Data to process
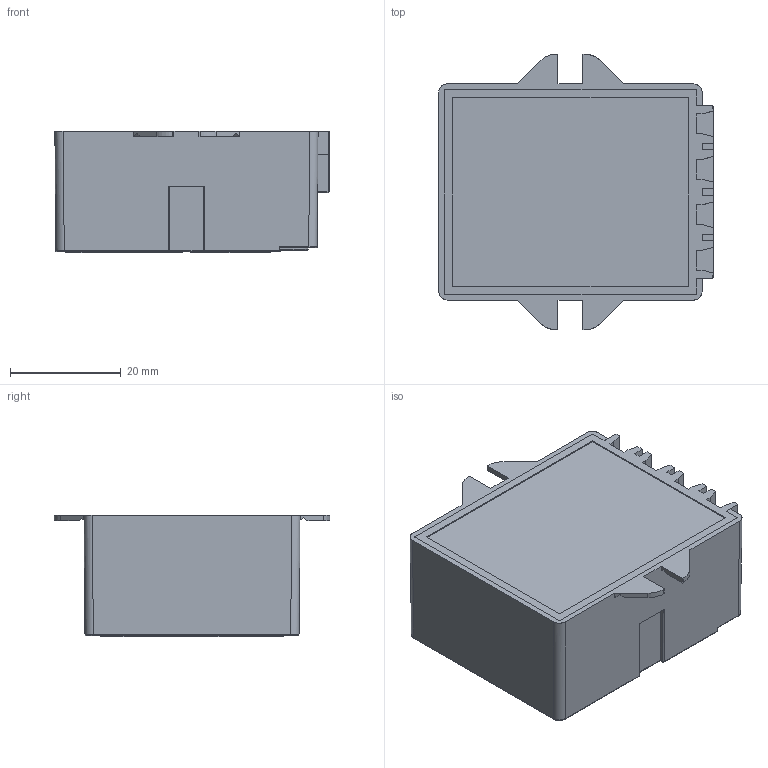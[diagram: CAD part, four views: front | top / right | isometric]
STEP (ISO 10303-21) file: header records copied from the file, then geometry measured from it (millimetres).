
FILE_DESCRIPTION(('STEP AP214'),'2;1');
FILE_NAME('13_71---complessivo.stp','2011-02-14T14:02:14',(''),(''),'2007.1.106','THINKDESIGN','');
FILE_SCHEMA(('AUTOMOTIVE_DESIGN'));
Length unit declared in the file: millimetre
Products named in the file (1): None
Bounding box: 49.5 x 49.78 x 22 mm (x, y, z)
Surface area: 10023.7 mm2 (no closed solid volume)
Topology: 0 solids, 0 shells, 500 faces, 2678 edges, 2646 vertices
Faces by surface type: plane 354, cylinder 85, bspline 61
Full cylindrical faces by diameter (mm): 2 x4, 3 x4, 4 x4, 4.488 x1, 5 x4
Entity records: 31509 total; most frequent: CARTESIAN_POINT 12275, DIRECTION 3208, COMPOSITE_CURVE_SEGMENT 2670, TRIMMED_CURVE 2138, VECTOR 2014, LINE 2014, AXIS2_PLACEMENT_3D 597, OUTER_BOUNDARY_CURVE 500

Activity
Begin at the line containing "STEP (ISO 10303-21)" and reproduce every line through the last one in the records above, exactly.

Reply
STEP (ISO 10303-21) file: header records copied from the file, then geometry measured from it (millimetres).
FILE_DESCRIPTION(('STEP AP214'),'2;1');
FILE_NAME('13_71---complessivo.stp','2011-02-14T14:02:14',(''),(''),'2007.1.106','THINKDESIGN','');
FILE_SCHEMA(('AUTOMOTIVE_DESIGN'));
Length unit declared in the file: millimetre
Products named in the file (1): None
Bounding box: 49.5 x 49.78 x 22 mm (x, y, z)
Surface area: 10023.7 mm2 (no closed solid volume)
Topology: 0 solids, 0 shells, 500 faces, 2678 edges, 2646 vertices
Faces by surface type: plane 354, cylinder 85, bspline 61
Full cylindrical faces by diameter (mm): 2 x4, 3 x4, 4 x4, 4.488 x1, 5 x4
Entity records: 31509 total; most frequent: CARTESIAN_POINT 12275, DIRECTION 3208, COMPOSITE_CURVE_SEGMENT 2670, TRIMMED_CURVE 2138, VECTOR 2014, LINE 2014, AXIS2_PLACEMENT_3D 597, OUTER_BOUNDARY_CURVE 500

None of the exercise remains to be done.